[Stored items]
+++

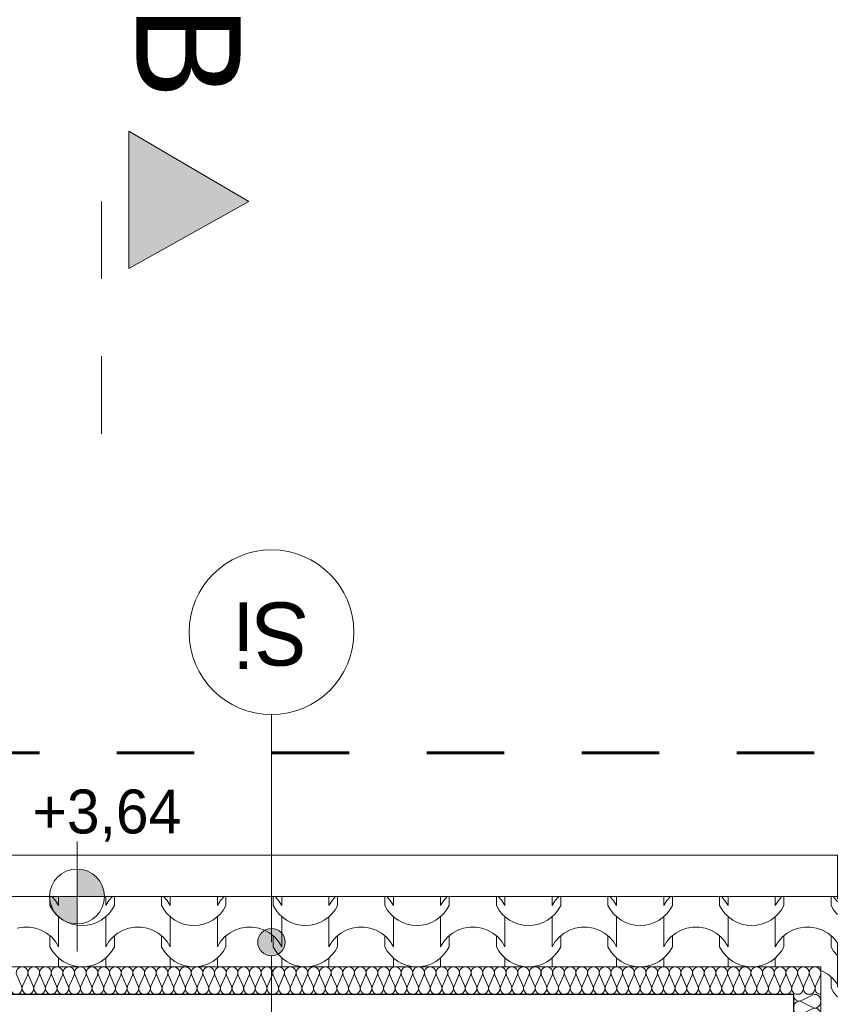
# Model space of a CAD drawing. Extents: x -497945 to -454853, y -17656 to 94650.
# Tile 60 of 62: x -476046 to -473039, y 81010 to 84599. Entities that reach past the tile are written whole.
import ezdxf

# ---------------------------------------------------------------- set-up
doc = ezdxf.new("R2010")
doc.units = 0
doc.header["$MEASUREMENT"] = 0
doc.linetypes.add('Dashed', pattern=[564.444447, 282.222223, -282.222223])
doc.linetypes.add('Przerywana', pattern=[320, 160, -160])
doc.layers.get('0').update_dxf_attribs({"color": 252})
for name, color, linetype in [('Arch opisy', 252, 'Continuous'), ('Inwent Izolacje', 252, 'Continuous'), ('INWENT RZĘDNE', 252, 'Continuous')]:
    doc.layers.add(name, color=color, linetype=linetype)
for name, color, linetype, lineweight in [('Arch opisy_Nr_Pióra__1', 252, 'Continuous', 25), ('Arch opisy_Nr_Pióra__21', 252, 'Continuous', 9), ('arch wypelnienia_Nr_Pióra__2', 252, 'Continuous', 13), ('INWENT DACH_Nr_Pióra__21', 252, 'Continuous', 9), ('Inwent Izolacje_Nr_Pióra__2', 252, 'Continuous', 13), ('INWENT OPISY_Nr_Pióra__21', 252, 'Continuous', 9), ('INWENT OPISY_Nr_Pióra__41', 252, 'Continuous', 15), ('INWENT RZĘDNE_Nr_Pióra__21', 252, 'Continuous', 9), ('INWENT.ŚCIANY_Nr_Pióra__1', 252, 'Continuous', 25), ('INWENT.ŚCIANY_Nr_Pióra__20', 252, 'Continuous', 60), ('INWENT.ŚCIANY_Nr_Pióra__3', 252, 'Continuous', 13)]:
    doc.layers.add(name, color=color, linetype=linetype, lineweight=lineweight)
doc.styles.add('GENERATED_STYLE_1', font='txt')
doc.styles.add('GENERATED_STYLE_5', font='txt')

# ---------------------------------------------------------------- blocks, each defined once
blk = doc.blocks.new('*X28')
at = {"layer": 'arch wypelnienia_Nr_Pióra__2', "linetype": 'Continuous'}
for p, q in [((-477027.7, 68711.1), (-477027.7, 68677.7)), ((-477007.9, 68696.7), (-477020.5, 68711.1)), ((-476996.3, 68677.7), (-477007.9, 68696.7)), ((-476996.3, 68711.1), (-476996.3, 68677.7)), ((-476996.3, 68711.1), (-476996.3, 68700)), ((-476824.5, 68711.1), (-476824.5, 68677.7)), ((-476824.5, 68711.1), (-476824.5, 68700)), ((-476812.9, 68696.7), (-476824.5, 68677.7)), ((-476800.3, 68711.1), (-476812.9, 68696.7)), ((-476793.1, 68711.1), (-476793.1, 68677.7)), ((-476621.3, 68711.1), (-476621.3, 68677.7)), ((-476601.5, 68696.7), (-476614.1, 68711.1)), ((-476589.9, 68677.7), (-476601.5, 68696.7)), ((-476589.9, 68711.1), (-476589.9, 68677.7)), ((-476589.9, 68711.1), (-476589.9, 68700)), ((-476418.1, 68711.1), (-476418.1, 68677.7)), ((-476418.1, 68711.1), (-476418.1, 68700)), ((-476406.5, 68696.7), (-476418.1, 68677.7)), ((-476393.9, 68711.1), (-476406.5, 68696.7)), ((-476386.7, 68711.1), (-476386.7, 68677.7)), ((-476214.9, 68711.1), (-476214.9, 68677.7)), ((-476195.1, 68696.7), (-476207.7, 68711.1)), ((-476183.5, 68677.7), (-476195.1, 68696.7)), ((-476183.5, 68711.1), (-476183.5, 68677.7)), ((-476183.5, 68711.1), (-476183.5, 68700)), ((-476011.7, 68711.1), (-476011.7, 68677.7)), ((-476011.7, 68711.1), (-476011.7, 68700)), ((-476000.1, 68696.7), (-476011.7, 68677.7)), ((-475987.5, 68711.1), (-476000.1, 68696.7)), ((-475980.3, 68711.1), (-475980.3, 68677.7)), ((-475808.5, 68711.1), (-475808.5, 68677.7)), ((-475788.7, 68696.7), (-475801.3, 68711.1)), ((-475777.1, 68677.7), (-475788.7, 68696.7)), ((-475777.1, 68711.1), (-475777.1, 68677.7)), ((-475777.1, 68711.1), (-475777.1, 68700)), ((-475605.3, 68711.1), (-475605.3, 68677.7)), ((-475605.3, 68711.1), (-475605.3, 68700)), ((-475593.7, 68696.7), (-475605.3, 68677.7)), ((-475581.1, 68711.1), (-475593.7, 68696.7)), ((-475573.9, 68711.1), (-475573.9, 68677.7)), ((-475402.1, 68711.1), (-475402.1, 68677.7)), ((-475382.3, 68696.7), (-475394.9, 68711.1)), ((-475370.7, 68677.7), (-475382.3, 68696.7)), ((-475370.7, 68711.1), (-475370.7, 68677.7)), ((-475370.7, 68711.1), (-475370.7, 68700)), ((-475198.9, 68711.1), (-475198.9, 68677.7)), ((-475198.9, 68711.1), (-475198.9, 68700)), ((-475187.3, 68696.7), (-475198.9, 68677.7)), ((-475174.7, 68711.1), (-475187.3, 68696.7)), ((-475167.5, 68711.1), (-475167.5, 68677.7)), ((-474995.7, 68711.1), (-474995.7, 68677.7)), ((-474975.9, 68696.7), (-474988.5, 68711.1)), ((-474964.3, 68677.7), (-474975.9, 68696.7)), ((-474964.3, 68711.1), (-474964.3, 68677.7)), ((-474964.3, 68711.1), (-474964.3, 68700)), ((-474792.5, 68711.1), (-474792.5, 68677.7)), ((-474792.5, 68711.1), (-474792.5, 68700)), ((-474780.9, 68696.7), (-474792.5, 68677.7)), ((-474768.3, 68711.1), (-474780.9, 68696.7)), ((-474761.1, 68711.1), (-474761.1, 68677.7)), ((-474589.3, 68711.1), (-474589.3, 68677.7)), ((-474569.5, 68696.7), (-474582.1, 68711.1)), ((-474557.9, 68677.7), (-474569.5, 68696.7)), ((-474557.9, 68711.1), (-474557.9, 68677.7)), ((-474557.9, 68711.1), (-474557.9, 68700)), ((-474386.1, 68711.1), (-474386.1, 68677.7)), ((-474386.1, 68711.1), (-474386.1, 68700)), ((-474374.5, 68696.7), (-474386.1, 68677.7)), ((-474361.9, 68711.1), (-474374.5, 68696.7)), ((-474354.7, 68711.1), (-474354.7, 68677.7)), ((-474182.9, 68711.1), (-474182.9, 68677.7)), ((-474163.1, 68696.7), (-474175.7, 68711.1)), ((-474160.2, 68691.9), (-474163.1, 68696.7)), ((-477027.7, 68677.7), (-477018.5, 68662)), ((-477018.5, 68662), (-477007.2, 68647.8)), ((-476813.6, 68647.8), (-476802.3, 68662)), ((-476802.3, 68662), (-476793.1, 68677.7)), ((-476621.3, 68677.7), (-476612.1, 68662)), ((-476612.1, 68662), (-476600.8, 68647.8)), ((-476407.2, 68647.8), (-476395.9, 68662)), ((-476395.9, 68662), (-476386.7, 68677.7)), ((-476214.9, 68677.7), (-476205.7, 68662)), ((-476205.7, 68662), (-476194.4, 68647.8)), ((-476000.8, 68647.8), (-475989.5, 68662)), ((-475989.5, 68662), (-475980.3, 68677.7)), ((-475808.5, 68677.7), (-475799.3, 68662)), ((-475799.3, 68662), (-475788, 68647.8)), ((-475594.4, 68647.8), (-475583.1, 68662)), ((-475583.1, 68662), (-475573.9, 68677.7)), ((-475402.1, 68677.7), (-475392.9, 68662)), ((-475392.9, 68662), (-475381.6, 68647.8)), ((-475188, 68647.8), (-475176.7, 68662)), ((-475176.7, 68662), (-475167.5, 68677.7)), ((-474995.7, 68677.7), (-474986.5, 68662)), ((-474986.5, 68662), (-474975.2, 68647.8)), ((-474781.6, 68647.8), (-474770.3, 68662)), ((-474770.3, 68662), (-474761.1, 68677.7)), ((-474589.3, 68677.7), (-474580.1, 68662)), ((-474580.1, 68662), (-474568.8, 68647.8)), ((-474375.2, 68647.8), (-474363.9, 68662)), ((-474363.9, 68662), (-474354.7, 68677.7)), ((-474182.9, 68677.7), (-474173.7, 68662)), ((-474173.7, 68662), (-474162.4, 68647.8)), ((-477007.2, 68647.8), (-476994.1, 68635.3)), ((-476996.3, 68637.1), (-476996.3, 68550)), ((-476994.1, 68635.3), (-476979.4, 68624.7)), ((-476979.4, 68624.7), (-476963.3, 68616.2)), ((-476963.3, 68616.2), (-476946.3, 68610)), ((-476874.5, 68610), (-476857.5, 68616.2)), ((-476857.5, 68616.2), (-476841.4, 68624.7)), ((-476841.4, 68624.7), (-476826.7, 68635.3)), ((-476826.7, 68635.3), (-476813.6, 68647.8)), ((-476824.5, 68637.1), (-476824.5, 68550)), ((-476600.8, 68647.8), (-476587.7, 68635.3)), ((-476589.9, 68637.1), (-476589.9, 68550)), ((-476587.7, 68635.3), (-476573, 68624.7)), ((-476573, 68624.7), (-476556.9, 68616.2)), ((-476556.9, 68616.2), (-476539.9, 68610)), ((-476468.1, 68610), (-476451.1, 68616.2)), ((-476451.1, 68616.2), (-476435, 68624.7)), ((-476435, 68624.7), (-476420.3, 68635.3)), ((-476420.3, 68635.3), (-476407.2, 68647.8)), ((-476418.1, 68637.1), (-476418.1, 68550)), ((-476194.4, 68647.8), (-476181.3, 68635.3)), ((-476183.5, 68637.1), (-476183.5, 68550)), ((-476181.3, 68635.3), (-476166.6, 68624.7)), ((-476166.6, 68624.7), (-476150.5, 68616.2)), ((-476150.5, 68616.2), (-476133.5, 68610)), ((-476061.7, 68610), (-476044.7, 68616.2)), ((-476044.7, 68616.2), (-476028.6, 68624.7)), ((-476028.6, 68624.7), (-476013.9, 68635.3)), ((-476013.9, 68635.3), (-476000.8, 68647.8)), ((-476011.7, 68637.1), (-476011.7, 68550)), ((-475788, 68647.8), (-475774.9, 68635.3)), ((-475777.1, 68637.1), (-475777.1, 68550)), ((-475774.9, 68635.3), (-475760.2, 68624.7)), ((-475760.2, 68624.7), (-475744.1, 68616.2)), ((-475744.1, 68616.2), (-475727.1, 68610)), ((-475655.3, 68610), (-475638.3, 68616.2)), ((-475638.3, 68616.2), (-475622.2, 68624.7)), ((-475622.2, 68624.7), (-475607.5, 68635.3)), ((-475607.5, 68635.3), (-475594.4, 68647.8)), ((-475605.3, 68637.1), (-475605.3, 68550)), ((-475381.6, 68647.8), (-475368.5, 68635.3)), ((-475370.7, 68637.1), (-475370.7, 68550)), ((-475368.5, 68635.3), (-475353.8, 68624.7)), ((-475353.8, 68624.7), (-475337.7, 68616.2)), ((-475337.7, 68616.2), (-475320.7, 68610)), ((-475248.9, 68610), (-475231.9, 68616.2)), ((-475231.9, 68616.2), (-475215.8, 68624.7)), ((-475215.8, 68624.7), (-475201.1, 68635.3)), ((-475201.1, 68635.3), (-475188, 68647.8)), ((-475198.9, 68637.1), (-475198.9, 68550)), ((-474975.2, 68647.8), (-474962.1, 68635.3)), ((-474964.3, 68637.1), (-474964.3, 68550)), ((-474962.1, 68635.3), (-474947.4, 68624.7)), ((-474947.4, 68624.7), (-474931.3, 68616.2)), ((-474931.3, 68616.2), (-474914.3, 68610)), ((-474842.5, 68610), (-474825.5, 68616.2)), ((-474825.5, 68616.2), (-474809.4, 68624.7)), ((-474809.4, 68624.7), (-474794.7, 68635.3)), ((-474794.7, 68635.3), (-474781.6, 68647.8)), ((-474792.5, 68637.1), (-474792.5, 68550)), ((-474568.8, 68647.8), (-474555.7, 68635.3)), ((-474557.9, 68637.1), (-474557.9, 68550)), ((-474555.7, 68635.3), (-474541, 68624.7)), ((-474541, 68624.7), (-474524.9, 68616.2)), ((-474524.9, 68616.2), (-474507.9, 68610)), ((-474436.1, 68610), (-474419.1, 68616.2)), ((-474419.1, 68616.2), (-474403, 68624.7)), ((-474403, 68624.7), (-474388.3, 68635.3)), ((-474388.3, 68635.3), (-474375.2, 68647.8)), ((-474386.1, 68637.1), (-474386.1, 68550)), ((-474162.4, 68647.8), (-474160.2, 68645.6)), ((-477124.8, 68599.8), (-477146.8, 68596)), ((-477113.6, 68599.8), (-477124.8, 68599.8)), ((-477102.4, 68599.8), (-477113.6, 68599.8)), ((-477080.4, 68596), (-477102.4, 68599.8)), ((-477059.4, 68588.6), (-477080.4, 68596)), ((-477039.9, 68577.6), (-477059.4, 68588.6)), ((-476996.3, 68614.8), (-476996.3, 68527.7)), ((-476946.3, 68610), (-476928.5, 68606.3)), ((-476928.5, 68606.3), (-476910.4, 68605)), ((-476910.4, 68605), (-476892.3, 68606.3)), ((-476892.3, 68606.3), (-476874.5, 68610)), ((-476824.5, 68614.8), (-476824.5, 68527.7)), ((-476761.4, 68588.6), (-476780.9, 68577.6)), ((-476740.4, 68596), (-476761.4, 68588.6)), ((-476718.4, 68599.8), (-476740.4, 68596)), ((-476707.2, 68599.8), (-476718.4, 68599.8)), ((-476696, 68599.8), (-476707.2, 68599.8)), ((-476674, 68596), (-476696, 68599.8)), ((-476653, 68588.6), (-476674, 68596)), ((-476633.5, 68577.6), (-476653, 68588.6)), ((-476589.9, 68614.8), (-476589.9, 68527.7)), ((-476539.9, 68610), (-476522.1, 68606.3)), ((-476522.1, 68606.3), (-476504, 68605)), ((-476504, 68605), (-476485.9, 68606.3)), ((-476485.9, 68606.3), (-476468.1, 68610)), ((-476418.1, 68614.8), (-476418.1, 68527.7)), ((-476355, 68588.6), (-476374.5, 68577.6)), ((-476334, 68596), (-476355, 68588.6)), ((-476312, 68599.8), (-476334, 68596)), ((-476300.8, 68599.8), (-476312, 68599.8)), ((-476289.6, 68599.8), (-476300.8, 68599.8)), ((-476267.6, 68596), (-476289.6, 68599.8)), ((-476246.6, 68588.6), (-476267.6, 68596)), ((-476227.1, 68577.6), (-476246.6, 68588.6)), ((-476183.5, 68614.8), (-476183.5, 68527.7)), ((-476133.5, 68610), (-476115.7, 68606.3)), ((-476115.7, 68606.3), (-476097.6, 68605)), ((-476097.6, 68605), (-476079.5, 68606.3)), ((-476079.5, 68606.3), (-476061.7, 68610)), ((-476011.7, 68614.8), (-476011.7, 68527.7)), ((-475948.6, 68588.6), (-475968.1, 68577.6)), ((-475927.6, 68596), (-475948.6, 68588.6)), ((-475905.6, 68599.8), (-475927.6, 68596)), ((-475894.4, 68599.8), (-475905.6, 68599.8)), ((-475883.2, 68599.8), (-475894.4, 68599.8)), ((-475861.2, 68596), (-475883.2, 68599.8)), ((-475840.2, 68588.6), (-475861.2, 68596)), ((-475820.7, 68577.6), (-475840.2, 68588.6)), ((-475777.1, 68614.8), (-475777.1, 68527.7)), ((-475727.1, 68610), (-475709.3, 68606.3)), ((-475709.3, 68606.3), (-475691.2, 68605)), ((-475691.2, 68605), (-475673.1, 68606.3)), ((-475673.1, 68606.3), (-475655.3, 68610)), ((-475605.3, 68614.8), (-475605.3, 68527.7)), ((-475542.2, 68588.6), (-475561.7, 68577.6)), ((-475521.2, 68596), (-475542.2, 68588.6)), ((-475499.2, 68599.8), (-475521.2, 68596)), ((-475488, 68599.8), (-475499.2, 68599.8)), ((-475476.8, 68599.8), (-475488, 68599.8)), ((-475454.8, 68596), (-475476.8, 68599.8)), ((-475433.8, 68588.6), (-475454.8, 68596)), ((-475414.3, 68577.6), (-475433.8, 68588.6)), ((-475370.7, 68614.8), (-475370.7, 68527.7)), ((-475320.7, 68610), (-475302.9, 68606.3)), ((-475302.9, 68606.3), (-475284.8, 68605)), ((-475284.8, 68605), (-475266.7, 68606.3)), ((-475266.7, 68606.3), (-475248.9, 68610)), ((-475198.9, 68614.8), (-475198.9, 68527.7)), ((-475135.8, 68588.6), (-475155.3, 68577.6)), ((-475114.8, 68596), (-475135.8, 68588.6)), ((-475092.8, 68599.8), (-475114.8, 68596)), ((-475081.6, 68599.8), (-475092.8, 68599.8)), ((-475070.4, 68599.8), (-475081.6, 68599.8)), ((-475048.4, 68596), (-475070.4, 68599.8)), ((-475027.4, 68588.6), (-475048.4, 68596)), ((-475007.9, 68577.6), (-475027.4, 68588.6)), ((-474964.3, 68614.8), (-474964.3, 68527.7)), ((-474914.3, 68610), (-474896.5, 68606.3)), ((-474896.5, 68606.3), (-474878.4, 68605)), ((-474878.4, 68605), (-474860.3, 68606.3)), ((-474860.3, 68606.3), (-474842.5, 68610)), ((-474792.5, 68614.8), (-474792.5, 68527.7)), ((-474729.4, 68588.6), (-474748.9, 68577.6)), ((-474708.4, 68596), (-474729.4, 68588.6)), ((-474686.4, 68599.8), (-474708.4, 68596)), ((-474675.2, 68599.8), (-474686.4, 68599.8)), ((-474664, 68599.8), (-474675.2, 68599.8)), ((-474642, 68596), (-474664, 68599.8)), ((-474621, 68588.6), (-474642, 68596)), ((-474601.5, 68577.6), (-474621, 68588.6)), ((-474557.9, 68614.8), (-474557.9, 68527.7)), ((-474507.9, 68610), (-474490.1, 68606.3)), ((-474490.1, 68606.3), (-474472, 68605)), ((-474472, 68605), (-474453.9, 68606.3)), ((-474453.9, 68606.3), (-474436.1, 68610)), ((-474386.1, 68614.8), (-474386.1, 68527.7)), ((-474323, 68588.6), (-474342.5, 68577.6)), ((-474302, 68596), (-474323, 68588.6)), ((-474280, 68599.8), (-474302, 68596)), ((-474268.8, 68599.8), (-474280, 68599.8)), ((-474257.6, 68599.8), (-474268.8, 68599.8)), ((-474235.6, 68596), (-474257.6, 68599.8)), ((-474214.6, 68588.6), (-474235.6, 68596)), ((-474195.1, 68577.6), (-474214.6, 68588.6)), ((-477022.6, 68563.5), (-477039.9, 68577.6)), ((-477027.7, 68567.7), (-477027.7, 68527.7)), ((-477007.9, 68546.7), (-477022.6, 68563.5)), ((-476996.3, 68527.7), (-477007.9, 68546.7)), ((-476812.9, 68546.7), (-476824.5, 68527.7)), ((-476798.2, 68563.5), (-476812.9, 68546.7)), ((-476780.9, 68577.6), (-476798.2, 68563.5)), ((-476793.1, 68567.7), (-476793.1, 68527.7)), ((-476616.2, 68563.5), (-476633.5, 68577.6)), ((-476621.3, 68567.7), (-476621.3, 68527.7)), ((-476601.5, 68546.7), (-476616.2, 68563.5)), ((-476589.9, 68527.7), (-476601.5, 68546.7)), ((-476406.5, 68546.7), (-476418.1, 68527.7)), ((-476391.8, 68563.5), (-476406.5, 68546.7)), ((-476374.5, 68577.6), (-476391.8, 68563.5)), ((-476386.7, 68567.7), (-476386.7, 68527.7)), ((-476209.8, 68563.5), (-476227.1, 68577.6)), ((-476214.9, 68567.7), (-476214.9, 68527.7)), ((-476195.1, 68546.7), (-476209.8, 68563.5)), ((-476183.5, 68527.7), (-476195.1, 68546.7)), ((-476000.1, 68546.7), (-476011.7, 68527.7)), ((-475985.4, 68563.5), (-476000.1, 68546.7)), ((-475968.1, 68577.6), (-475985.4, 68563.5)), ((-475980.3, 68567.7), (-475980.3, 68527.7)), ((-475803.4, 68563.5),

+++

EXERCISE DETAILS:
Only the lines above starting at the one containing "doc.linetypes.add('Przerywana', pattern=[320, 160, -160])" and ending at the one containing "doc.layers.add(name, color=color, linetype=linetype)", both included, are to be returned, exactly as they read.

SOLUTION TO THIS TASK:
doc.linetypes.add('Przerywana', pattern=[320, 160, -160])
doc.layers.get('0').update_dxf_attribs({"color": 252})
for name, color, linetype in [('Arch opisy', 252, 'Continuous'), ('Inwent Izolacje', 252, 'Continuous'), ('INWENT RZĘDNE', 252, 'Continuous')]:
    doc.layers.add(name, color=color, linetype=linetype)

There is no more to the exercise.